## [What you need to do]
Check every line in the listing below for "name". Copy the ones where it occurs.
········
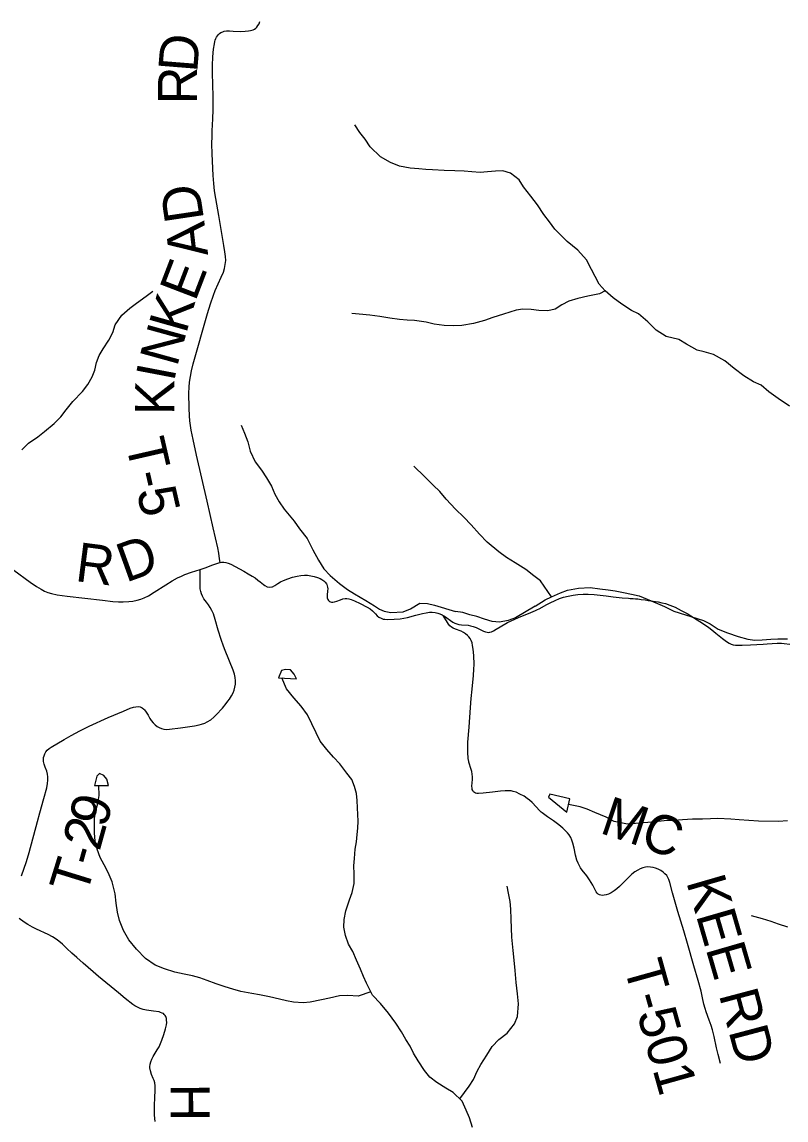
# Model space of a CAD drawing. Extents: x 0 to 34, y 0 to 22.
# Drawn here: x 7.268 to 8.379, y 17.022 to 18.618 of the extents above; entities that cross this region are included whole.
import ezdxf

# ---------------------------------------------------------------- set-up
doc = ezdxf.new("R2010")
doc.units = 0
for name, color, linetype in [('GM_X_County_Road', 7, 'Continuous'), ('GM_X_County_Road_Text', 7, 'Continuous'), ('GM_X_Minor_Lake', 7, 'Continuous'), ('GM_X_Minor_River', 7, 'Continuous'), ('GM_X_Township_Road', 7, 'Continuous'), ('GM_X_Township_Road_Text', 7, 'Continuous')]:
    doc.layers.add(name, color=color, linetype=linetype)

msp = doc.modelspace()

# ---------------------------------------------------------------- linework, layer by layer
at = {"layer": 'GM_X_County_Road'}
for points in [[(7.5272, 17.8224), (7.5359, 17.8253), (7.5444, 17.8284), (7.5514, 17.8311), (7.5545, 17.832), (7.5563, 17.8323)], [(7.5563, 17.8323), (7.5583, 17.8326), (7.5616, 17.8326), (7.5648, 17.8322), (7.5679, 17.8314), (7.572, 17.8297), (7.5781, 17.8265), (7.5906, 17.8196), (7.5971, 17.816), (7.6031, 17.8127), (7.6073, 17.8099), (7.6113, 17.8069), (7.6147, 17.8041), (7.6195, 17.8002), (7.6214, 17.7988), (7.6246, 17.7972), (7.628, 17.7965), (7.6313, 17.797), (7.6323, 17.7972), (7.6361, 17.7991), (7.6402, 17.8018), (7.644, 17.8041), (7.6485, 17.8063), (7.6549, 17.8088), (7.6615, 17.8109), (7.6682, 17.8126), (7.6738, 17.8135), (7.6788, 17.8138), (7.6832, 17.8137), (7.6883, 17.8132), (7.6932, 17.8122), (7.6981, 17.8107), (7.7016, 17.8092), (7.7044, 17.8076), (7.7071, 17.8057), (7.7089, 17.804), (7.7108, 17.8014), (7.7115, 17.8003), (7.7126, 17.7965), (7.7128, 17.7939), (7.7126, 17.7913), (7.7117, 17.7851), (7.7118, 17.7827), (7.712, 17.781), (7.7129, 17.7784), (7.7139, 17.7771), (7.7151, 17.7759), (7.717, 17.775), (7.7181, 17.7747), (7.7203, 17.7746), (7.7226, 17.7751), (7.7259, 17.7763), (7.7312, 17.7783), (7.7349, 17.7794), (7.7381, 17.7799), (7.7407, 17.7799), (7.7432, 17.7795), (7.7469, 17.7785), (7.7516, 17.7766), (7.7601, 17.7726), (7.7701, 17.7674), (7.7744, 17.7648), (7.7778, 17.762), (7.7822, 17.7575), (7.7848, 17.7549), (7.7871, 17.753), (7.7902, 17.7512), (7.7935, 17.7501), (7.7958, 17.7498), (7.8, 17.7496), (7.8093, 17.7499), (7.8179, 17.7506), (7.8234, 17.7514), (7.8288, 17.7525), (7.8407, 17.7558), (7.8503, 17.7583), (7.8558, 17.7594), (7.8608, 17.76), (7.8645, 17.76), (7.8689, 17.7597), (7.8725, 17.7588), (7.8755, 17.7578), (7.8788, 17.7563), (7.8804, 17.7553)], [(7.2568, 17.821), (7.2804, 17.8039), (7.2896, 17.7977), (7.2964, 17.7936), (7.3013, 17.7909), (7.3063, 17.7888), (7.3116, 17.7872), (7.3194, 17.7855), (7.334, 17.7833), (7.3856, 17.7774), (7.4003, 17.7757), (7.4089, 17.7751), (7.4157, 17.775), (7.4237, 17.7756), (7.4298, 17.7763), (7.4358, 17.7775), (7.4411, 17.779), (7.4462, 17.7809), (7.4523, 17.7838), (7.4607, 17.789), (7.4773, 17.7998), (7.4869, 17.8056), (7.4945, 17.8099), (7.5001, 17.8127), (7.5052, 17.8149), (7.5146, 17.8182), (7.5272, 17.8224)], [(7.8804, 17.7553), (7.8825, 17.7541), (7.8945, 17.7457), (7.8976, 17.7441), (7.9003, 17.743), (7.9032, 17.7423), (7.9073, 17.7417), (7.9167, 17.7411), (7.9204, 17.7405), (7.9241, 17.7395), (7.9282, 17.738), (7.9333, 17.7356), (7.9393, 17.7325), (7.9421, 17.7314), (7.9444, 17.7309), (7.9467, 17.7307), (7.9484, 17.7309), (7.9506, 17.7315), (7.9534, 17.7328), (7.9576, 17.7352), (7.9633, 17.7388), (7.9741, 17.7449), (7.9791, 17.7475), (7.9836, 17.7495), (7.9899, 17.7523), (8.0077, 17.7595), (8.0144, 17.7626), (8.0173, 17.7638), (8.02, 17.7652), (8.0309, 17.7711), (8.0358, 17.7738), (8.0431, 17.7772), (8.0495, 17.7798), (8.0555, 17.7818), (8.0621, 17.7835), (8.0695, 17.7849), (8.0763, 17.7858), (8.0838, 17.7863), (8.0913, 17.7863), (8.1, 17.7859), (8.1173, 17.7837), (8.1277, 17.7825), (8.1406, 17.7812), (8.1499, 17.7803), (8.1523, 17.7801), (8.1566, 17.7798), (8.1597, 17.7794), (8.1634, 17.7793), (8.1683, 17.7786), (8.1739, 17.7781), (8.1781, 17.7772), (8.1824, 17.7767), (8.1855, 17.7763), (8.1929, 17.7751), (8.1984, 17.7739), (8.2033, 17.7726), (8.2098, 17.7703), (8.2173, 17.7672), (8.2262, 17.7628), (8.235, 17.758), (8.244, 17.7526), (8.2587, 17.7433), (8.2664, 17.7379), (8.2708, 17.7345), (8.2766, 17.7298), (8.2861, 17.7218), (8.292, 17.7174), (8.2962, 17.7149), (8.2989, 17.7137), (8.3018, 17.7129), (8.3054, 17.7123), (8.3096, 17.7121), (8.3151, 17.7122), (8.3269, 17.7127), (8.3454, 17.7138), (8.351, 17.7141), (8.3659, 17.7149), (8.3722, 17.7149), (8.3759, 17.7147), (8.384, 17.7135)]]:
    msp.add_lwpolyline(points, dxfattribs=at)
at = {"layer": 'GM_X_Minor_Lake'}
for points in [[(7.6672, 17.663), (7.6639, 17.6698), (7.6587, 17.6764), (7.6515, 17.6769), (7.6458, 17.6754), (7.6411, 17.6649)], [(7.6411, 17.6649), (7.6672, 17.663)], [(7.3943, 17.5082), (7.3917, 17.5173), (7.3876, 17.5227), (7.3812, 17.5254), (7.3774, 17.5217), (7.3738, 17.5081)], [(7.3738, 17.5081), (7.3943, 17.5082)], [(8.0647, 17.4889), (8.0356, 17.4958), (8.0337, 17.4912), (8.0599, 17.4692)], [(8.0599, 17.4692), (8.0647, 17.4889)]]:
    msp.add_lwpolyline(points, dxfattribs=at)
at = {"layer": 'GM_X_Minor_River'}
for points in [[(8.3839, 18.0594), (8.3673, 18.0706), (8.3534, 18.0806), (8.3426, 18.0902), (8.3312, 18.095), (8.3173, 18.1035), (8.3034, 18.1143), (8.2895, 18.1255), (8.273, 18.1348), (8.2598, 18.1384), (8.2496, 18.1408), (8.2341, 18.1497), (8.2228, 18.1567), (8.2047, 18.1611), (8.19, 18.17), (8.1777, 18.1823), (8.1642, 18.1939), (8.154, 18.1989), (8.1401, 18.2078), (8.1273, 18.2171), (8.116, 18.2271), (8.1071, 18.2371), (8.1011, 18.2482), (8.096, 18.2585), (8.0886, 18.2722), (8.0762, 18.2864), (8.0608, 18.2988), (8.0425, 18.3169), (8.035, 18.3276), (8.0265, 18.3383), (8.0175, 18.3521), (8.0078, 18.3647), (7.9974, 18.3785), (7.9907, 18.3885), (7.9783, 18.3985), (7.967, 18.4017), (7.9564, 18.4014), (7.945, 18.4004), (7.9343, 18.3991), (7.9222, 18.4004), (7.9112, 18.4013), (7.8972, 18.4018), (7.8821, 18.402), (7.865, 18.403), (7.8552, 18.4039), (7.8449, 18.4048), (7.8324, 18.4057), (7.8169, 18.4086), (7.8037, 18.4137), (7.7894, 18.4219), (7.7744, 18.4365), (7.767, 18.4476), (7.7592, 18.4575), (7.7521, 18.4686)], [(7.2681, 17.9962), (7.2781, 18.0059), (7.2914, 18.0152), (7.301, 18.023), (7.3152, 18.0346), (7.3248, 18.0439), (7.3325, 18.0541), (7.3425, 18.0664), (7.3563, 18.081), (7.3644, 18.0912), (7.3706, 18.1021), (7.3745, 18.1119), (7.3766, 18.1232), (7.3805, 18.1331), (7.3863, 18.1432), (7.3948, 18.1556), (7.4003, 18.1669), (7.4038, 18.1779), (7.4135, 18.1918), (7.4253, 18.2019), (7.4349, 18.2093), (7.4487, 18.2197), (7.4586, 18.2268)], [(8.116, 18.2271), (8.1077, 18.2227), (8.0906, 18.2195), (8.0761, 18.2163), (8.0632, 18.2123), (8.0529, 18.2071), (8.0433, 18.2008), (8.0327, 18.1983), (8.0194, 18.1985), (8.0084, 18.2001), (7.9963, 18.2007), (7.9864, 18.1993), (7.9681, 18.1934), (7.9525, 18.1883), (7.9407, 18.1843), (7.9244, 18.18), (7.9077, 18.1768), (7.8951, 18.1762), (7.8819, 18.1771), (7.8675, 18.1789), (7.8558, 18.1817), (7.8387, 18.1842), (7.8281, 18.1847), (7.8168, 18.1856), (7.8028, 18.1877), (7.7884, 18.1901), (7.774, 18.1919), (7.7585, 18.1936), (7.7479, 18.1941)], [(7.587, 18.032), (7.5918, 18.0202), (7.5965, 18.0076), (7.6002, 17.9943), (7.6075, 17.9787), (7.6165, 17.9664), (7.6239, 17.9553), (7.631, 17.9431), (7.6361, 17.9316), (7.6421, 17.9206), (7.6495, 17.9098), (7.6641, 17.8926), (7.6719, 17.8811), (7.6831, 17.8673), (7.6912, 17.8509), (7.6994, 17.8356), (7.7072, 17.823), (7.7162, 17.8134), (7.7297, 17.8018), (7.7413, 17.7933), (7.7515, 17.7867), (7.768, 17.777), (7.7808, 17.7693)], [(8.038, 17.7825), (8.022, 17.8055), (8.0123, 17.8128), (8.0006, 17.8221), (7.9852, 17.8318), (7.9724, 17.8395), (7.9615, 17.848), (7.9443, 17.8619), (7.9334, 17.8734), (7.9211, 17.8869), (7.9106, 17.8984), (7.8986, 17.9099), (7.8848, 17.9245), (7.8754, 17.9356), (7.8657, 17.9449), (7.8533, 17.9576), (7.838, 17.9722)], [(8.014, 17.7688), (8.0285, 17.7781), (8.038, 17.7825), (8.051, 17.7884), (8.0613, 17.7921), (8.0772, 17.7949), (8.0939, 17.7958), (8.1079, 17.7941), (8.1204, 17.7928), (8.1303, 17.7912), (8.1424, 17.7887), (8.1541, 17.7863), (8.1651, 17.7839), (8.1771, 17.7792), (8.1918, 17.7729), (8.202, 17.7686), (8.2156, 17.7616)], [(7.7808, 17.7693), (7.7881, 17.7644), (7.7949, 17.7617), (7.8043, 17.7597), (7.8225, 17.7604), (7.8331, 17.7648)], [(7.8331, 17.7648), (7.8465, 17.7733), (7.8578, 17.7728), (7.8677, 17.7704), (7.8984, 17.761)], [(8.014, 17.7688), (7.9855, 17.7518), (7.9749, 17.7481), (7.9623, 17.7457), (7.9517, 17.7466), (7.9404, 17.7498), (7.9294, 17.7537), (7.9192, 17.7565), (7.909, 17.7597), (7.8984, 17.761)], [(8.2156, 17.7616), (8.2585, 17.7482), (8.2683, 17.7431), (8.2799, 17.7354), (8.2935, 17.7299), (8.3089, 17.7247), (8.3233, 17.7207), (8.3331, 17.7194), (8.3438, 17.72), (8.3563, 17.721), (8.3665, 17.7216), (8.3806, 17.7214)], [(7.7566, 17.4463), (7.7568, 17.4565), (7.7565, 17.466), (7.7559, 17.4759), (7.7553, 17.4862), (7.7543, 17.4964), (7.7518, 17.5067), (7.7478, 17.5167), (7.7407, 17.5263), (7.7303, 17.5397), (7.7213, 17.5493), (7.7116, 17.5605), (7.7019, 17.5724), (7.6961, 17.5847), (7.6898, 17.598), (7.6835, 17.6107), (7.6739, 17.6233), (7.6634, 17.6357), (7.6526, 17.6487), (7.6459, 17.6645)], [(7.7754, 17.2083), (7.7568, 17.202), (7.7421, 17.203), (7.7296, 17.2024), (7.7155, 17.1988), (7.7037, 17.1967), (7.687, 17.1931), (7.6771, 17.1921), (7.6631, 17.1931), (7.6529, 17.1951), (7.6427, 17.1976), (7.6279, 17.2008), (7.6135, 17.2037), (7.6026, 17.2057), (7.5867, 17.2086), (7.575, 17.2122), (7.5637, 17.2154), (7.5508, 17.2198), (7.5376, 17.2246), (7.5267, 17.2285), (7.5161, 17.2313), (7.504, 17.2338), (7.4908, 17.237), (7.4757, 17.2418), (7.4621, 17.2469), (7.4482, 17.2566), (7.4348, 17.2701), (7.4236, 17.2836), (7.4158, 17.2974), (7.4104, 17.3119), (7.4075, 17.3241), (7.4054, 17.337), (7.4037, 17.3507), (7.3994, 17.3679), (7.3936, 17.3817), (7.388, 17.3928), (7.3821, 17.4035), (7.3777, 17.4157), (7.3749, 17.4279), (7.3739, 17.4389), (7.3741, 17.4503), (7.3738, 17.4606), (7.3759, 17.472), (7.3787, 17.4818), (7.3808, 17.4935), (7.3803, 17.5081)], [(8.3809, 17.4566), (8.3676, 17.456), (8.3384, 17.4565), (8.3104, 17.4584), (8.2986, 17.4593), (8.2793, 17.46), (8.2687, 17.4597), (8.2573, 17.4591), (8.2425, 17.4594), (8.2281, 17.4584), (8.216, 17.4575), (8.2057, 17.4572), (8.1928, 17.4559), (8.1776, 17.4546), (8.1655, 17.4536), (8.1484, 17.452), (8.1291, 17.4557), (8.1174, 17.4619), (8.1009, 17.469), (8.0895, 17.4737), (8.0794, 17.4773), (8.0627, 17.4805)], [(7.9232, 17.0111), (7.9185, 17.0249), (7.9141, 17.0363), (7.9082, 17.0493), (7.8951, 17.0617), (7.8842, 17.0683), (7.8711, 17.0765), (7.8609, 17.0842), (7.8535, 17.0938), (7.8442, 17.108), (7.8375, 17.1191), (7.8324, 17.1291), (7.8261, 17.1391), (7.8198, 17.1502), (7.8116, 17.1628), (7.8012, 17.1774), (7.7893, 17.1913), (7.7777, 17.2036), (7.7693, 17.2208), (7.7648, 17.2307), (7.7605, 17.2411), (7.7546, 17.2541), (7.7491, 17.2667), (7.7428, 17.2774), (7.7384, 17.29), (7.7359, 17.3022), (7.7365, 17.3132), (7.7389, 17.3261), (7.7445, 17.342), (7.748, 17.3525), (7.7513, 17.3658), (7.7511, 17.3799), (7.7509, 17.3913), (7.7514, 17.4019), (7.7527, 17.4155), (7.7544, 17.4262), (7.7557, 17.4368), (7.7566, 17.4463)], [(7.9047, 17.0527), (7.9184, 17.0709), (7.9246, 17.081), (7.9301, 17.0927), (7.9351, 17.1025), (7.9437, 17.1161), (7.9518, 17.1285), (7.9614, 17.139), (7.9733, 17.1479), (7.9841, 17.1615), (7.9885, 17.1724), (7.9899, 17.1906), (7.9886, 17.2051), (7.9865, 17.2218), (7.9849, 17.2393), (7.9836, 17.2542), (7.9823, 17.2682), (7.9803, 17.2876), (7.9797, 17.3009), (7.9792, 17.3139), (7.979, 17.3283), (7.9776, 17.3393), (7.9755, 17.3515), (7.9734, 17.3618)], [(8.3813, 17.302), (8.3677, 17.3067), (8.3571, 17.3103), (8.3443, 17.3143), (8.3285, 17.3187)]]:
    msp.add_lwpolyline(points, dxfattribs=at)
at = {"layer": 'GM_X_Township_Road'}
for points in [[(7.5563, 17.8323), (7.5556, 17.8375), (7.5544, 17.8458), (7.553, 17.8538), (7.5463, 17.8828), (7.5374, 17.9215), (7.5223, 17.9882), (7.5171, 18.0112), (7.5145, 18.0246), (7.5125, 18.0381), (7.5118, 18.0456), (7.5113, 18.0567), (7.511, 18.0785), (7.5114, 18.0872), (7.512, 18.0946), (7.5132, 18.1026), (7.5148, 18.1111), (7.5173, 18.1214), (7.5381, 18.1943), (7.5424, 18.2086), (7.5466, 18.2209), (7.5494, 18.2279), (7.558, 18.2471), (7.5611, 18.2546), (7.5627, 18.2599), (7.5639, 18.2654), (7.5645, 18.2716), (7.5642, 18.2771), (7.5634, 18.2839), (7.5619, 18.2931), (7.5545, 18.3366), (7.55, 18.3616), (7.5482, 18.3726), (7.5471, 18.3831), (7.5463, 18.3949), (7.5448, 18.4265), (7.5445, 18.4408), (7.5447, 18.4519), (7.5449, 18.4598), (7.5457, 18.4775), (7.5461, 18.4905), (7.5462, 18.5101), (7.5459, 18.5268), (7.5455, 18.5442), (7.5454, 18.5547), (7.546, 18.5676), (7.547, 18.5787), (7.5481, 18.5865), (7.5488, 18.5897), (7.5494, 18.5918), (7.5501, 18.5939), (7.5512, 18.5962), (7.5524, 18.5982), (7.5539, 18.5999), (7.5555, 18.6014), (7.5573, 18.6028), (7.5601, 18.604), (7.5625, 18.6047), (7.5655, 18.6051), (7.5698, 18.6051), (7.5753, 18.6046), (7.5859, 18.6045), (7.5927, 18.6047), (7.5976, 18.6051), (7.6006, 18.6056), (7.6042, 18.6067), (7.6064, 18.6078), (7.6084, 18.6092), (7.6098, 18.6105), (7.6114, 18.6128), (7.6129, 18.6155), (7.6143, 18.619)], [(7.2678, 17.3768), (7.275, 17.3979), (7.2791, 17.4109), (7.2912, 17.4558), (7.2946, 17.4684), (7.3002, 17.4894), (7.3044, 17.505), (7.3057, 17.5111), (7.3063, 17.516), (7.3062, 17.5209), (7.3056, 17.5246), (7.3045, 17.5288), (7.3024, 17.5346), (7.3007, 17.5393), (7.2999, 17.5429), (7.2997, 17.546), (7.2999, 17.5491), (7.3005, 17.5515), (7.3017, 17.5544), (7.3033, 17.557), (7.3052, 17.5594), (7.308, 17.5619), (7.3111, 17.564), (7.3298, 17.575), (7.3401, 17.5809), (7.3526, 17.5877), (7.366, 17.5943), (7.3937, 17.6069), (7.4159, 17.6164), (7.4257, 17.6204), (7.4304, 17.6219), (7.434, 17.6226), (7.4371, 17.6228), (7.4401, 17.6224), (7.443, 17.6212), (7.4454, 17.6193), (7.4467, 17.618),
········
## [Answer space]
for name, color, linetype in [('GM_X_County_Road', 7, 'Continuous'), ('GM_X_County_Road_Text', 7, 'Continuous'), ('GM_X_Minor_Lake', 7, 'Continuous'), ('GM_X_Minor_River', 7, 'Continuous'), ('GM_X_Township_Road', 7, 'Continuous'), ('GM_X_Township_Road_Text', 7, 'Continuous')]:
    doc.layers.add(name, color=color, linetype=linetype)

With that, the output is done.